/objectDetection-NVDA-Addon

Primary LanguagePythonGNU Affero General Public License v3.0AGPL-3.0

Object Detection

This add-on allows users to perform object detection on an image element present on their screen. The result is presented as a sentence of the form "The image contains a x, y's and a z".

Usage


Detection is triggered by pressing Alt+NVDA+D. When the detection is complete, "Result Document" is announced. Users can then access the result as a navigator object by pressing CTRL+arrow keys. Press ESC to escape the result.

Building it yourself


Requirements:

  • a Python distribution (2.7 or greater is recommended). Check the Python Website for Windows Installers.
  • Scons - Website - version 2.1.0 or greater. Install it using easy_install or grab an windows installer from the website.
  • GNU Gettext tools, if you want to have localization support for your add-on - Recommended. Any Linux distro or cygwin have those installed. You can find windows builds here.
  • Markdown-2.0.1 or greater, if you want to convert documentation files to HTML documents. You can Download Markdown or get it using easy_install markdown.

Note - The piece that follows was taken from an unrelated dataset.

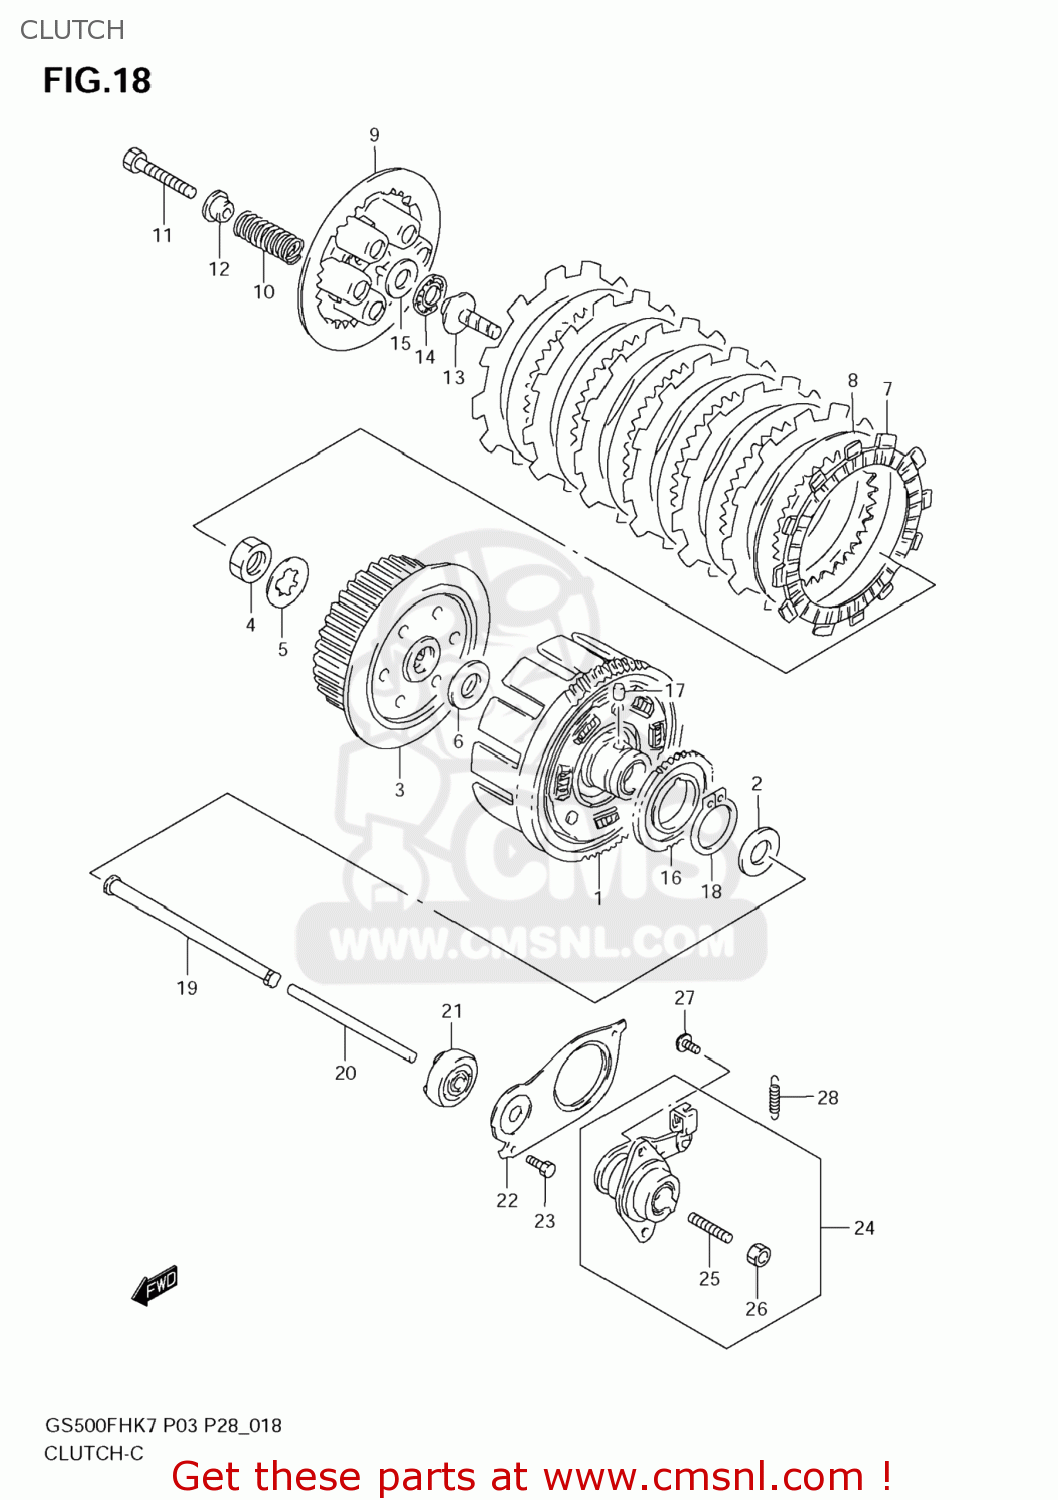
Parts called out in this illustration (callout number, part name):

Once the requirements are satisfied:

  1. Clone this repo
  2. Open a command line and navigate to the cloned repo
  3. Run the command scons in the directory containing the sconstruct file

You can then install the add-on in NVDA by double clicking on the .nvda-addon file while NVDA is running or goto NVDA->tools->manage add-ons->Install and the selecting the .nvda-addon file.

Developer notes


This add-on makes use of the Tiny-YOLOv3-darknet model for object detection. It also contains code for using other versions of the YOLOv3 model and the DE⫶TR model, these have been turned off at the moment, until final decisions about which model to use are made. You can download the config and weights file of any YOLOv3 model and replace the Tiny model in addon/globalPlugins/objectDetection/models and use that instead (you may need to rename the files or change the code in addon/globalPlugins/objectDetection/_YOLOv3.py a bit for it to work). The DE⫶TR model must be converted to ONNX before use. There is no direct download for it but it is fairly easy to convert using PyTorch's torch.onnx.export. All models rely OpenCV 4.3.0, the required DLL's of which can be found at addon/globalPlugins/objectDetection/dlls. Appart from OpenCV, the DE⫶TR model also uses ONNX Runtime 1.3.0 to run, whose DLL can be found at the same location. The DLL files that interface with the models themselves, YOLOv3-DLL.dll and DETR-DLL.dll, can be built from here and here respectively.